# New Bessacarr E495 1st time out.



## walnut (Oct 19, 2008)

New to motorhomes and just got back from a small holiday in our Bessacarr E495 over the new year.
We love the motorhome but something that large and complicated will always have teething trouble.
The faults we have found so far:

Control panel shows Fresh water tank level at 16% when full.

Half the cupbord/locker locks are sticking, I have tried spraying with furniture polish (contains silicone). This has cured some locks but the others are still sticking.

Fresh water inlet cap will not lock - Talked to an engineer at discover and was told to boil the cap in water.

Door on the locker above TV space catches the wardrobe lockers side.

For 3 days the heating blower would not work, started working as we parked up the MH at end of holiday. - seemed to start working when I was playing with the control panel.

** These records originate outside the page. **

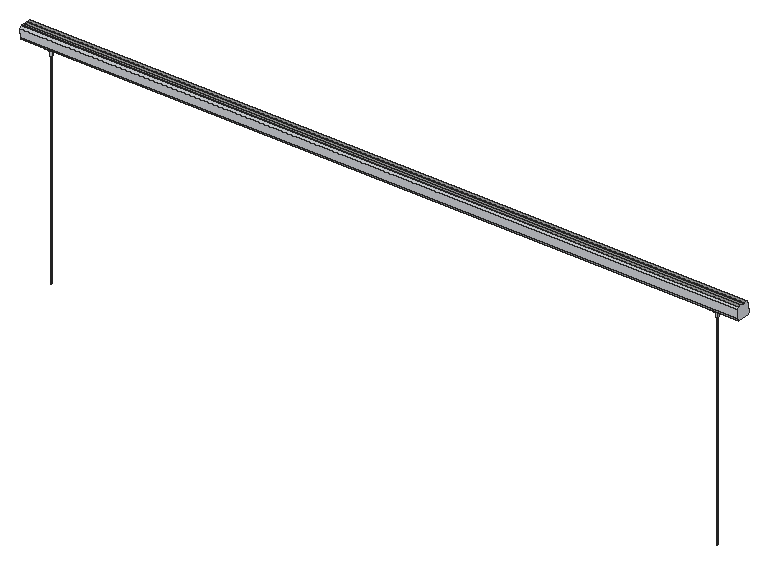
Revit family "0042538 Sylvania Lighting Fixture ISOLINE  3380MM 4K DASY DA 8C", category Lighting Fixtures, host Face, Revit 2018
Family settings
  Host = Face
  Round Connector Dimension = Use Diameter
  Part Type = Normal
  OmniClass Number = 23.80.70.00
  OmniClass Title = Lighting
  Cut with Voids When Loaded = No
  Light Source = Yes
  Shared = No
  Room Calculation Point = No
Parameters (values of type "0042538 ISOLINE  3380MM 4K DASY DA 8C")
  suspension height = 1000 mm
  spacer height = 5 mm
  spacer centres = 1000 mm
  height = 58.791 mm
  Width = 62 mm
  Weight = "n/a"
  Wattage Comments = ""
  Wattage = 9.2903 W
  WarrantyStartDate [instance] = "n/a"
  WarrantyGuarantorParts = "n/a"
  WarrantyDurationUnit = "n/a"
  WarrantyDurationParts = ""
  WarrantyDescription = "http://www.sylvania-lighting.com"
  built-in parameter 1150110 = 1 (stored number, unit not read)
  Voltage = 0 V
  URL = "0"
  TypeName = "ISOLINE  3380MM 4K DASY DA 8C"
  Type Image = <None>
  Type Comments = "n/a"
  built-in parameter 1114217 = 1 (stored number, unit not read)
  Tilt Angle = 90.00°
  built-in parameter 1150109 = 1 (stored number, unit not read)
  built-in parameter 1150134 = 3
  built-in parameter 1150113 = 1 (stored number, unit not read)
  SerialNumber [instance] = "n/a"
  Photometric Web File = "0042538.ies"
  Material_3_FEILO = none
  PowerFactor = 0
  PowerConsumption = "Lighting"
  NominalLength = 62 mm
  NominalHeight = 0 mm
  NominalDepth = 0 mm
  Name = "ISOLINE  3380MM 4K DASY DA 8C"
  ModelReference = Name  # "ISOLINE  3380MM 4K DASY DA 8C"
  ModelNumber = "0042538"
  Model = Name  # "ISOLINE  3380MM 4K DASY DA 8C"
  Material = "Feilo Sylvania"
  ManufacturerName = "147 lm/W"
  Manufacturer = ""
  LuminousEfficacy = ""
  built-in parameter 1150105 = 109.82 (stored number, unit not read)
  Lumens = 1380 lm
  LuminaireType = "0"
  built-in parameter 1150115 = 1 (stored number, unit not read)
  LightOutputRatio = "LED"
  built-in parameter 1150137 = (empty or 0)
  built-in parameter 1150139 = (empty or 0)
  Length = 3380 mm
  LampsType = Lamp  # "n/a"
  LampNominalLuminous = "4000 K"
  LampMacAdamStep = "80"
  LampColourTemperature = "LED"
  LampColourRenderingIndex = "16500"
  built-in parameter 1150112 = 1 (stored number, unit not read)
  built-in parameter 1150114 = 1 (stored number, unit not read)
  Lamp = "n/a"
  Keynote = "n/a"
  InstallationDate [instance] = "n/a"
  InputVoltage = "0"
  InputNominalFrequency = "4000"
  built-in parameter 1150132 = (empty or 0)
  built-in parameter 1150102 = (empty or 0)
  built-in parameter 1150107 = 3200 (stored number, unit not read)
  built-in parameter 1150138 = (empty or 0)
  IngressProtection = "IfcLightFixtureType"
  ImpactProtectionIndex = "IfcLightFixtureType"
  built-in parameter 1150106 = 1.0982 (stored number, unit not read)
  IfcExportType = "IfcLightFixtureType"
  IfcExportAs = "Class I"
  Height = 1000 mm
  ExpectedLife = 50000
  Emit from Circle Diameter = 609.6 mm
  Emit Shape Visible in Rendering = no
  ElectricShockClassification = "147"
  built-in parameter 1150104 = 13.8 (stored number, unit not read)
  DurationUnit = "hours"
  DocumentationLiterature = "http://www.sylvania-lighting.com/product/en-int/products/0042538"
  DimmingControlOptions = "n/a"
  Material_2_FEILO = none
  Dimming Lamp Color Temperature Shift = <None>
  Description = "Isoline LED linear DALI dimmable luminaire for industrial and commercial applications. 3380 mm lenght with double asymmetrical optics provide homogenous light distribution for wide, shelf areas. Suitable for DALI Dimming. Aluminium housing, RAL 9016. Max + 35 °C operating temperature range, 4000 K, CRI 80, UGR <25, 3 SDMC. 112 W power consumption, 16600 lm luminous flux, 147 lm/W efficacy, 3380 mm x62 mm x 59 mm (L x W x H) dimensions, IP20, IK03, DC 50/60 Hz, Class I. Lifespan L70:B50 60,000 hours."
  Default Elevation = 1219.2 mm
  CreatedOn = "04/03/2021"
  CreatedBy = "@sylvania-lighting.com"
  Cost = 0
  Color Filter = 16777215
  built-in parameter 1114216 [instance] = (empty or 0)
  ClassificationValue = "EF_70_80"
  ClassificationName = "Uniclass2015"
  Material_1_FEILO = none
  BarCode [instance] = "n/a"
  built-in parameter 1114218 = 1 (stored number, unit not read)
  built-in parameter 1150133 = 10 (stored number, unit not read)
  AssetType = "Fixed"
  AssetIdentifier [instance] = "n/a"
  Assembly Code = "D5020200"
  Apparent Load = 112 VA
  Material_4_FEILO = none
Reference planes
  plane 1 "Center (Front/Back)": y = 0
  plane 2: z = 0
  plane 3 "Center (Left/Right)": x = 0
  plane 4: z = 0
  plane 5: z = 1000
  plane 6: y = 31
  plane 7: y = -31
  plane 8: x = -1690
  plane 9: x = 1690
  plane 10: x = -37.307
  plane 11: x = 55
  plane 12: z = 1058.791
  plane 13: z = 51
  plane 14: y = -27
  plane 15: y = 27
  plane 16: z = 12
  plane 17: y = -24.969
  plane 18: y = 25
  plane 19: y = 12
  plane 20: y = -12
  plane 21: z = 1.634
  plane 22: y = -8
  plane 23: y = 8
  plane 24: x = -1580
  plane 25: x = -1555
  plane 26: x = 1580
  plane 27: x = 1555
  plane 28: z = 995
  plane 29: y = 26.98
  plane 30: y = 16.98
  plane 31: y = -27.027
  plane 32: y = -17.004
  plane 33: z = 996.5
  plane 34: y = 26.002
  plane 35: y = -26.027
  plane 36: through (-1580, 7.965, 1219.2) normal (0.5391, 0.8423, 0)
  plane 37: through (-1555, 7.965, 1219.2) normal (0.5391, -0.8423, 0)
  plane 38: through (1555, 7.965, 1219.2) normal (0.5391, 0.8423, 0)
  plane 39: through (1580, 8, 1219.2) normal (0.5399, -0.8417, 0)
  plane 40: z = 1058.003
  plane 41: z = 1056.819
Forms (mm)
  Extrusion 1, solid, detail levels medium+fine
    sketch origin (-1690, -1523.717, -160.594) x (0, -1, -0.000261) y (0, 0.000261, -1)
      loop
        line (-1493, -1168.2) -> (-1497, -1160.2) -> (-1551, -1160.2) -> (-1555, -1168.2) -> (-1555, -1207.2) -> (-1549.109, -1218.982) -> (-1535.466, -1218.982) -> (-1532, -1217.566) -> (-1516, -1217.566) -> (-1512.511, -1218.991) -> (-1498.896, -1218.991) -> (-1493, -1207.2) -> (-1493, -1168.2)
    from 0 to 3380
  Extrusion 2, solid
    sketch origin (1555, 1524, 1219.189) x (0, 1, 0) y (0, 0, 1)
      loop
        line (-1497.021, -219.189) -> (-1498.02, -219.189) -> (-1507.02, -223.699) -> (-1541.004, -223.699) -> (-1550.017, -219.203) -> (-1551.02, -219.203) -> (-1541.004, -224.2) -> (-1507.02, -224.2) -> (-1497.021, -219.189)
    from 0 to 25
  Extrusion 3, solid
    sketch origin (-1580, 1524, 1219.189) x (0, 1, 0) y (0, 0, 1)
      loop
        line (-1497.021, -219.189) -> (-1498.02, -219.189) -> (-1507.02, -223.699) -> (-1541.004, -223.699) -> (-1550.017, -219.203) -> (-1551.02, -219.203) -> (-1541.004, -224.2) -> (-1507.02, -224.2) -> (-1497.021, -219.189)
    from 0 to 25
  Extrusion 4, solid
    sketch origin (4.2, 0, 0) x (1, 0, 0) y (0, 1, 0)
      loop
        circle (-1571.7, -0.035) r 5
    from 962.277 to 995
  Extrusion 5, solid
    sketch origin (3139.062, 0.065, 0) x (1, 0, 0) y (0, 1, 0)
      loop
        circle (-1571.7, -0.035) r 5
    from 962.277 to 995
  Extrusion 6, solid
    sketch origin (4.2, 0, 0) x (1, 0, 0) y (0, 1, 0)
      loop
        circle (-1571.7, -0.035) r 1.5
    from 0 to 962.277
  Extrusion 7, solid
    sketch origin (3139.076, 0.033, 0) x (1, 0, 0) y (0, 1, 0)
      loop
        circle (-1571.7, -0.035) r 1.5
    from 0 to 977.512
  Extrusion 8, solid, material "Glass, White, High Luminance", detail levels fine
    sketch origin (319, 1524, 1219.2) x (0, 1, 0) y (0, 0, 1)
      loop
        line (-1498.926, -160.099) -> (-1512.703, -160.099) -> (-1516.213, -161.534) -> (-1531.9, -161.534) -> (-1535.47, -160.114) -> (-1549.12, -160.114) -> (-1549.12, -161.197) -> (-1535.782, -161.197) -> (-1532.805, -162.381) -> (-1515.468, -162.381) -> (-1512.929, -161.197) -> (-1498.926, -161.197) -> (-1498.926, -160.099)
    from -2009 to 1371
  Extrusion 9, solid, detail levels coarse
    sketch origin (319, 1524, 1219.2) x (0, 1, 0) y (0, 0, 1)
      loop
        line (-1493, -160.052) -> (-1555, -160.052) -> (-1555, -1219.2) -> (-1493, -1219.2) -> (-1493, -160.052)
    from -2009 to 1371
Dimensions and locks
  "Width": plane 6 to plane 7
  equal spacing: plane 6, plane 1 "Center (Front/Back)", plane 7
  "Length": plane 8 to plane 9
  equal spacing: plane 8, plane 3 "Center (Left/Right)", plane 9
  "height": plane 12 to plane 5
  "suspension height": plane 5 to level
  aligned and locked: host face to plane 2
  aligned and locked: host face to level
Automatic sketch dimensions
  host sketch curve to host sketch curve = 3582.803 mm
  host sketch curve to host sketch curve = 2438.4 mm
  Extrusion 1 sketch curve to plane 29 = 0 mm
  Extrusion 1 sketch curve to plane 6 = 0.033 mm
  Extrusion 1 sketch curve to plane 12 = 11.778 mm
  Extrusion 1 sketch curve to Extrusion 1 sketch curve = 4 mm  (x2)
  Extrusion 1 sketch curve to Extrusion 1 sketch curve = 5.891 mm
  Extrusion 1 sketch curve to Extrusion 1 sketch curve = 13.643 mm
  Extrusion 1 sketch curve to Extrusion 1 sketch curve = 3.466 mm
  Extrusion 1 sketch curve to Extrusion 1 sketch curve = 16 mm
  Extrusion 1 sketch curve to Extrusion 1 sketch curve = 3.489 mm
  Extrusion 1 sketch curve to Extrusion 1 sketch curve = 13.615 mm
  Extrusion 1 sketch curve to Extrusion 1 sketch curve = 54 mm
  Extrusion 1 sketch curve to Extrusion 1 sketch curve = 47 mm
  Extrusion 1 sketch curve to Extrusion 1 sketch curve = 10.366 mm
  Extrusion 1 sketch curve to Extrusion 1 sketch curve = 1.425 mm
  Extrusion 1 sketch curve to Extrusion 1 sketch curve = 11.782 mm
  Extrusion 1 sketch curve to Extrusion 1 sketch curve = 8 mm  (x2)
  Extrusion 2 sketch curve to plane 32 = 0 mm  (x2)
  Extrusion 2 sketch curve to plane 30 = 0 mm  (x2)
  Extrusion 2 sketch curve to plane 5 = 0 mm
  Extrusion 2 sketch curve to plane 35 = 0.01 mm
  Extrusion 2 sketch curve to plane 31 = 0.007 mm
  plane 34 to Extrusion 2 sketch curve = 0.022 mm
  plane 29 to Extrusion 2 sketch curve = 0.001 mm
  Extrusion 2 sketch curve to plane 5 = 0.014 mm
  plane 28 to Extrusion 2 sketch curve = 0.489 mm
  Extrusion 2 sketch curve to plane 28 = 0.011 mm
  Extrusion 3 sketch curve to plane 32 = 0 mm  (x2)
  Extrusion 3 sketch curve to plane 30 = 0 mm  (x2)
  Extrusion 3 sketch curve to plane 5 = 0 mm
  Extrusion 3 sketch curve to plane 35 = 0.01 mm
  Extrusion 3 sketch curve to plane 31 = 0.007 mm
  plane 34 to Extrusion 3 sketch curve = 0.022 mm
  plane 29 to Extrusion 3 sketch curve = 0.001 mm
  Extrusion 3 sketch curve to plane 5 = 0.014 mm
  plane 28 to Extrusion 3 sketch curve = 0.489 mm
  Extrusion 3 sketch curve to plane 28 = 0.011 mm
  Extrusion 4 sketch curve to plane 36 = 0 mm
  plane 37 to Extrusion 4 sketch curve = 0 mm
  Extrusion 5 sketch curve to plane 1 "Center (Front/Back)" = 0.029 mm
  plane 27 to Extrusion 5 sketch curve = 12.362 mm
  Extrusion 6 sketch curve to plane 36 = 0 mm
  plane 37 to Extrusion 6 sketch curve = 0 mm
  plane 1 "Center (Front/Back)" to Extrusion 7 sketch curve = 0.002 mm
  plane 27 to Extrusion 7 sketch curve = 12.376 mm
  Extrusion 8 sketch curve to plane 40 = 0 mm  (x2)
  Extrusion 8 sketch curve to plane 41 = 0 mm
  plane 17 to Extrusion 8 sketch curve = 0.151 mm
  Extrusion 8 sketch curve to plane 20 = 0.218 mm
  plane 12 to Extrusion 8 sketch curve = 0.295 mm
  Extrusion 8 sketch curve to plane 20 = 0.53 mm
  plane 22 to Extrusion 8 sketch curve = 0.805 mm
  Extrusion 8 sketch curve to plane 22 = 0.1 mm
  plane 23 to Extrusion 8 sketch curve = 0.213 mm
  Extrusion 8 sketch curve to plane 23 = 0.532 mm
  plane 19 to Extrusion 8 sketch curve = 0.929 mm
  Extrusion 8 sketch curve to plane 18 = 0.074 mm
  plane 41 to Extrusion 8 sketch curve = 0.848 mm
  plane 19 to Extrusion 8 sketch curve = 0.703 mm
  plane 12 to Extrusion 8 sketch curve = 0.31 mm
  Extrusion 9 sketch curve to plane 7 = 0 mm
  Extrusion 9 sketch curve to plane 6 = 0 mm
  Extrusion 9 sketch curve to plane 33 = 996.5 mm
  plane 12 to Extrusion 9 sketch curve = 0.357 mm
  radius of Extrusion 4 sketch curve = 5 mm
  radius of Extrusion 5 sketch curve = 5 mm
  radius of Extrusion 6 sketch curve = 1.5 mm
  radius of Extrusion 7 sketch curve = 1.5 mm
Connectors
  electrical at (0, -0.02, 1000.004)
    settings: on Extrusion 1, index 1, voltage 0 V, apparent load 0 VA, apparent load phase1 0 VA, apparent load phase2 0 VA, apparent load phase3 0 VA, power factor 1, load classification "Other", number of poles 1, system type 31, power factor state 1, is connector primary yes, connector utility no, sub classification motor no, connector description ""

The MH has lots of good points, great lighting, loads of room, even when it was freezing outside the gas heater kept us nice and warm.


----------



## hilldweller (Mar 8, 2008)

walnut said:


> Control panel shows Fresh water tank level at 16% when full.
> 
> Half the cupbord/locker locks are sticking, I have tried spraying with furniture polish (contains silicone). This has cured some locks but the others are still sticking.
> 
> Fresh water inlet cap will not lock - Talked to an engineer at discover and was told to boil the cap in water.


All "They all do that Sir" stock faults.

Sorry I don't have an answer, but at least you know you are one of many.

The makers won't pay for a decent water level sensors.

Door catches seem to be particularly bad about now.

The water caps lock or unlock when they feel like it. I've attacked our with all manner of potions, but it works when it wants to.


----------



## b16duv (Feb 14, 2006)

So, 

heatergate, locker gate and watergate? Oh no we already had that one!

Are you suggesting these are 'design characteristics' hilldweller?


----------



## Fatalhud (Mar 3, 2006)

Must admit i never lock my fresh water filler cap
Just hope its high enough for no one to piddle into ottytrain5:


----------



## geraldandannie (Jun 4, 2006)

Hi walnut

A belated welcome to the forum. Glad you had some time away in it, and that the teething troubles are not getting you down. Lovely photos, by the way.

Gerald


----------



## UncleNorm (May 1, 2005)

Hi Walnut and another very warm welcome to MotorhomeFacts. I hope you have a pleasant stay with us. 

I can only comment on the water filler cap issue. I'd done all the sprays and boiling tricks and still no joy. :?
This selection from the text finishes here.